TASK: Beginning with the opening line of the entries, return every line through the one containing "(416.75, 734.71)], dxfattribs=at)", both included, and nothing else. Omit pictures.

RECORDS SUPPLIED:
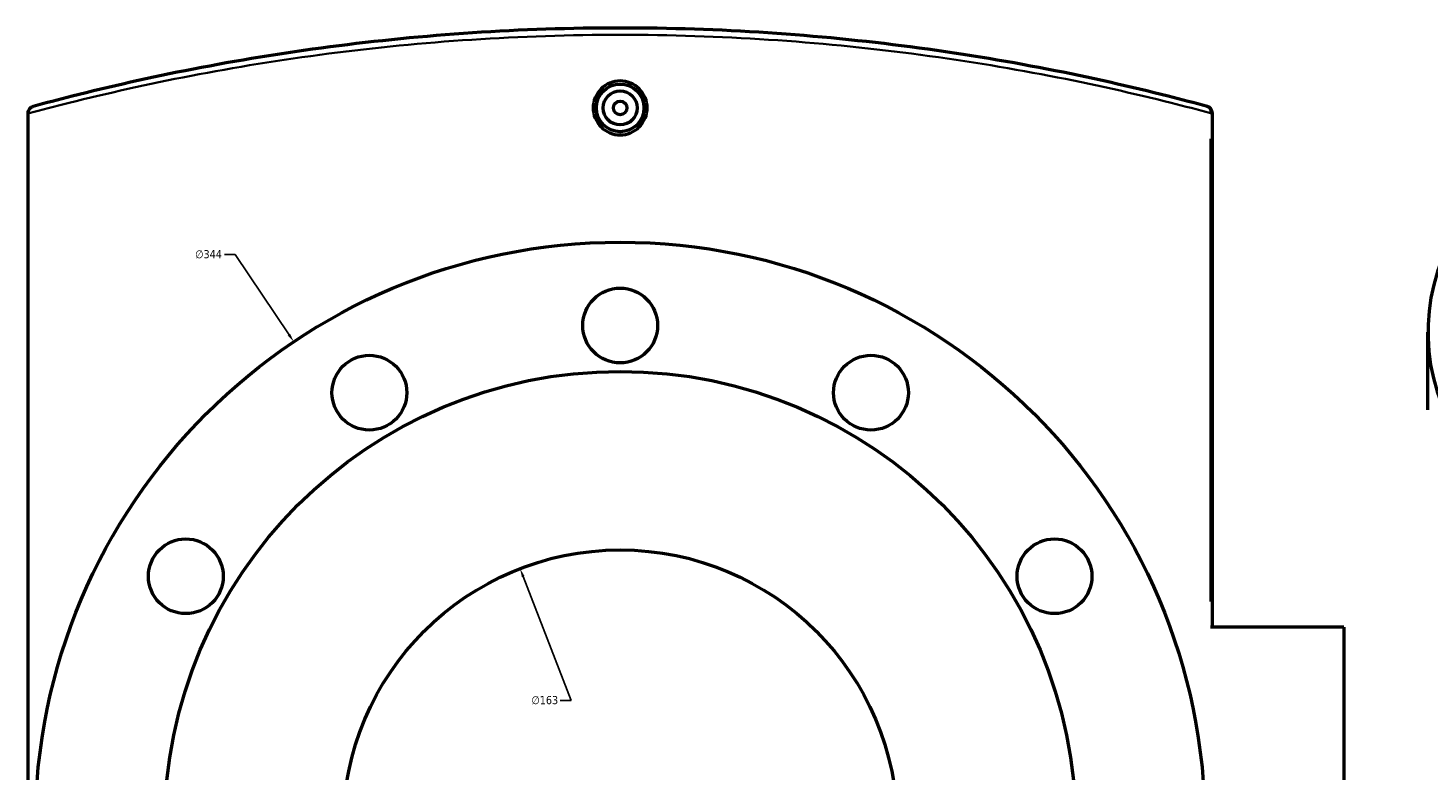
# Model space of a CAD drawing. Header units: millimetres. Extents: x -604 to 1138, y -275 to 910.
# Tile 8 of 11: x 272 to 684, y 675 to 894. Entities that reach past the tile are written whole.
import ezdxf

# ---------------------------------------------------------------- set-up
doc = ezdxf.new("R2010")
doc.units = ezdxf.units.MM
for name, color, linetype, lineweight in [('Dimension (ANSI)', 7, 'Continuous', 25), ('Visible (ANSI)', 7, 'Continuous', 50), ('Visible Narrow (ANSI)', 7, 'Continuous', 35)]:
    doc.layers.add(name, color=color, linetype=linetype, lineweight=lineweight)
doc.styles.add('Note Text (ANSI)', font='tahoma.ttf')
doc.dimstyles.new('Default - mm (ANSI)', dxfattribs={"dimtxt": 2.4, "dimasz": 2.5, "dimexe": 3.175, "dimexo": 1.6002, "dimgap": 0.8, "dimtad": 0, "dimtoh": 1, "dimdec": 0, "dimrnd": 1e-08, "dimzin": 4, "dimdsep": 46, "dimtxsty": 'Note Text (ANSI)', "dimcen": 0.09, "dimdle": 10, "dimclrd": 256, "dimclre": 256, "dimclrt": 5, "dimadec": 1, "dimazin": 1, "dimtfac": 1.27, "dimtofl": 0, "dimtmove": 0, "dimatfit": 3, "dimfxl": 1, "dimtolj": 1, "dimtzin": 4, "dimlwd": -1, "dimlwe": -1, "dimarcsym": 0})

# ---------------------------------------------------------------- blocks, each defined once
blk = doc.blocks.new('*D7')
at = {"layer": 'Defpoints', "color": 0, "transparency": 16777216}
for p in [(416.75, 734.71), (475.61, 582.71)]:
    blk.add_point(p, dxfattribs=at)
at = {"layer": 'Dimension (ANSI)', "transparency": 16777216}
for p, q in [((431.76, 695.94), (417.65, 732.38)), ((428.56, 695.94), (431.76, 695.94))]:
    blk.add_line(p, q, dxfattribs=at)
blk.add_solid([(418.04, 732.53), (417.26, 732.23), (416.75, 734.71)], dxfattribs=at)
at = {"layer": 'Dimension (ANSI)', "color": 5, "transparency": 16777216, "insert": (420.07, 697.24), "char_height": 2.4, "attachment_point": 1, "style": 'Note Text (ANSI)'}
blk.add_mtext('\\A1;∅163', dxfattribs=at)
blk = doc.blocks.new('*D8')
at = {"layer": 'Defpoints', "color": 0, "transparency": 16777216}
for p in [(350.18, 801.43), (542.17, 515.99)]:
    blk.add_point(p, dxfattribs=at)
at = {"layer": 'Dimension (ANSI)', "transparency": 16777216}
for p, q in [((329.77, 827.1), (332.92, 827.1)), ((332.92, 827.1), (348.79, 803.51)), ((446.18, 658.62), (446.18, 658.8)), ((446.09, 658.71), (446.27, 658.71))]:
    blk.add_line(p, q, dxfattribs=at)
blk.add_solid([(349.14, 803.74), (348.44, 803.27), (350.18, 801.43)], dxfattribs=at)
at = {"layer": 'Dimension (ANSI)', "color": 5, "transparency": 16777216, "insert": (321.18, 828.39), "char_height": 2.4, "attachment_point": 1, "style": 'Note Text (ANSI)'}
blk.add_mtext('\\A1;∅344', dxfattribs=at)

msp = doc.modelspace()

# ---------------------------------------------------------------- linework, layer by layer
at = {"layer": 'Visible (ANSI)'}
for p, q in [((272.03, 868.69), (272.03, 868.54)), ((272.03, 448.89), (272.03, 868.54)), ((620.33, 717.46), (620.33, 868.69)), ((683.75, 781.36), (683.75, 804.22)), ((659.03, 717.46), (619.78, 717.46)), ((659.03, 717.46), (659.03, 599.96))]:
    msp.add_line(p, q, dxfattribs=at)
for centre, radius in [((446.18, 870.21), 7), ((446.18, 870.21), 5), ((446.18, 870.21), 2), ((446.18, 658.71), 172), ((446.18, 806.21), 11), ((372.43, 786.45), 11), ((519.93, 786.45), 11), ((446.18, 658.71), 134), ((318.44, 732.46), 11), ((573.92, 732.46), 11), ((446.18, 658.71), 81.5)]:
    msp.add_circle(centre, radius, dxfattribs=at)
msp.add_arc((618.33, 868.69), 2, 0, 74.763, dxfattribs=at)
msp.add_ellipse((855.75, 804.22), major_axis=(-172, 0), ratio=0.57735, start_param=5.309794, end_param=10.398169, dxfattribs=at)
for points, knots in [([(618.86, 870.62), (615.15, 871.63), (611.31, 872.64), (596.36, 876.42), (584.42, 879.14), (558.99, 884.09), (545.49, 886.32), (517.94, 889.92), (503.91, 891.33), (475.32, 893.22), (460.75, 893.71), (446.18, 893.71), (431.61, 893.71), (417.04, 893.22), (388.45, 891.33), (374.42, 889.92), (346.87, 886.32), (333.37, 884.09), (307.94, 879.14), (296, 876.42), (281.05, 872.64), (277.21, 871.63), (273.5, 870.62)], [6.937869, 6.937869, 6.937869, 6.937869, 8.571504, 8.571504, 13.103514, 13.103514, 17.63553, 17.63553, 21.993103, 21.993103, 26.350681, 26.350681, 26.350681, 30.708259, 30.708259, 35.065832, 35.065832, 39.597845, 39.597845, 44.129852, 44.129852, 45.763535, 45.763535, 45.763535, 45.763535]), ([(454.12, 870.21), (454.12, 869.22), (453.92, 868.15), (453.11, 866.2), (452.5, 865.31), (451.09, 863.9), (450.19, 863.29), (448.24, 862.48), (447.18, 862.29), (445.18, 862.29), (444.12, 862.48), (442.17, 863.29), (441.27, 863.9), (439.86, 865.31), (439.25, 866.2), (438.44, 868.15), (438.24, 869.22), (438.24, 870.21), (438.24, 871.21), (438.44, 872.27), (439.25, 874.23), (439.86, 875.12), (441.27, 876.53), (442.17, 877.13), (444.12, 877.94), (445.18, 878.14), (447.18, 878.14), (448.24, 877.94), (450.19, 877.13), (451.08, 876.53), (452.49, 875.12), (453.11, 874.23), (453.92, 872.27), (454.12, 871.21), (454.12, 870.21)], [2.39083, 2.39083, 2.39083, 2.39083, 2.689733, 2.689733, 2.988636, 2.988636, 3.28744, 3.28744, 3.586244, 3.586244, 3.885049, 3.885049, 4.183853, 4.183853, 4.482756, 4.482756, 4.781659, 4.781659, 4.781659, 5.080676, 5.080676, 5.379692, 5.379692, 5.678383, 5.678383, 5.977074, 5.977074, 6.275765, 6.275765, 6.574456, 6.574456, 6.873473, 6.873473, 7.172489, 7.172489, 7.172489, 7.172489]), ([(272.03, 868.69), (272.03, 868.93), (272.07, 869.17), (272.25, 869.64), (272.39, 869.86), (272.69, 870.18), (272.83, 870.3), (273.15, 870.49), (273.32, 870.57), (273.5, 870.62), (273.5, 870.62), (273.5, 870.62)], [-0.2738627, -0.2738627, -0.2738627, -0.2738627, -0.1993296, -0.1993296, -0.119389, -0.119389, -0.0600163, -0.0600163, 0, 0, 0.0006848, 0.0006848, 0.0006848, 0.0006848])]:
    msp.add_open_spline(points, degree=3, knots=knots, dxfattribs=at)
at = {"layer": 'Visible Narrow (ANSI)'}
for p, q in [((620.33, 868.69), (619.83, 868.69)), ((619.78, 861.13), (619.78, 725.02))]:
    msp.add_line(p, q, dxfattribs=at)
msp.add_ellipse((618.33, 868.69), major_axis=(0.53, 1.93), ratio=0.710855, start_param=4.972627, end_param=6.214209, dxfattribs=at)
msp.add_open_spline([(272.03, 868.54), (275.93, 869.59), (279.97, 870.65), (295.2, 874.47), (307.2, 877.18), (332.77, 882.12), (346.34, 884.34), (374.04, 887.94), (388.14, 889.34), (416.89, 891.22), (431.53, 891.71), (446.18, 891.71), (460.83, 891.71), (475.47, 891.22), (504.22, 889.34), (518.32, 887.94), (546.02, 884.34), (559.59, 882.12), (585.16, 877.18), (597.16, 874.47), (612.19, 870.7), (616.05, 869.69), (619.78, 868.69)], degree=3, knots=[-45.844538, -45.844538, -45.844538, -45.844538, -44.129852, -44.129852, -39.597845, -39.597845, -35.065832, -35.065832, -30.708259, -30.708259, -26.350681, -26.350681, -26.350681, -21.993103, -21.993103, -17.63553, -17.63553, -13.103514, -13.103514, -8.571504, -8.571504, -6.937869, -6.937869, -6.937869, -6.937869], dxfattribs=at)

# ---------------------------------------------------------------- dimensions: what is measured, and where the dimension line sits
at = {"layer": 'Dimension (ANSI)'}
for p1, p2, picture, middle in [((542.17, 515.99), (350.18, 801.43), '*D8', (325.08, 827.1)), ((475.61, 582.71), (416.75, 734.71), '*D7', (423.92, 695.94))]:
    dim = msp.add_diameter_dim_2p(p1=p1, p2=p2, dimstyle='Default - mm (ANSI)', override={"dimgap": 0.8, "dimtih": 1, "dimdec": 0, "dimlfac": 1, "dimtol": 0, "dimlim": 0, "dimtp": 0, "dimtm": 0, "dimtdec": 2}, dxfattribs=at)
    dim.commit()
    dim.dimension.update_dxf_attribs({"geometry": picture, "text_midpoint": middle, "dimtype": 163})

doc.saveas('drawing.dxf')

EXERCISE RESPONSE:
# Model space of a CAD drawing. Header units: millimetres. Extents: x -604 to 1138, y -275 to 910.
# Tile 8 of 11: x 272 to 684, y 675 to 894. Entities that reach past the tile are written whole.
import ezdxf

# ---------------------------------------------------------------- set-up
doc = ezdxf.new("R2010")
doc.units = ezdxf.units.MM
for name, color, linetype, lineweight in [('Dimension (ANSI)', 7, 'Continuous', 25), ('Visible (ANSI)', 7, 'Continuous', 50), ('Visible Narrow (ANSI)', 7, 'Continuous', 35)]:
    doc.layers.add(name, color=color, linetype=linetype, lineweight=lineweight)
doc.styles.add('Note Text (ANSI)', font='tahoma.ttf')
doc.dimstyles.new('Default - mm (ANSI)', dxfattribs={"dimtxt": 2.4, "dimasz": 2.5, "dimexe": 3.175, "dimexo": 1.6002, "dimgap": 0.8, "dimtad": 0, "dimtoh": 1, "dimdec": 0, "dimrnd": 1e-08, "dimzin": 4, "dimdsep": 46, "dimtxsty": 'Note Text (ANSI)', "dimcen": 0.09, "dimdle": 10, "dimclrd": 256, "dimclre": 256, "dimclrt": 5, "dimadec": 1, "dimazin": 1, "dimtfac": 1.27, "dimtofl": 0, "dimtmove": 0, "dimatfit": 3, "dimfxl": 1, "dimtolj": 1, "dimtzin": 4, "dimlwd": -1, "dimlwe": -1, "dimarcsym": 0})

# ---------------------------------------------------------------- blocks, each defined once
blk = doc.blocks.new('*D7')
at = {"layer": 'Defpoints', "color": 0, "transparency": 16777216}
for p in [(416.75, 734.71), (475.61, 582.71)]:
    blk.add_point(p, dxfattribs=at)
at = {"layer": 'Dimension (ANSI)', "transparency": 16777216}
for p, q in [((431.76, 695.94), (417.65, 732.38)), ((428.56, 695.94), (431.76, 695.94))]:
    blk.add_line(p, q, dxfattribs=at)
blk.add_solid([(418.04, 732.53), (417.26, 732.23), (416.75, 734.71)], dxfattribs=at)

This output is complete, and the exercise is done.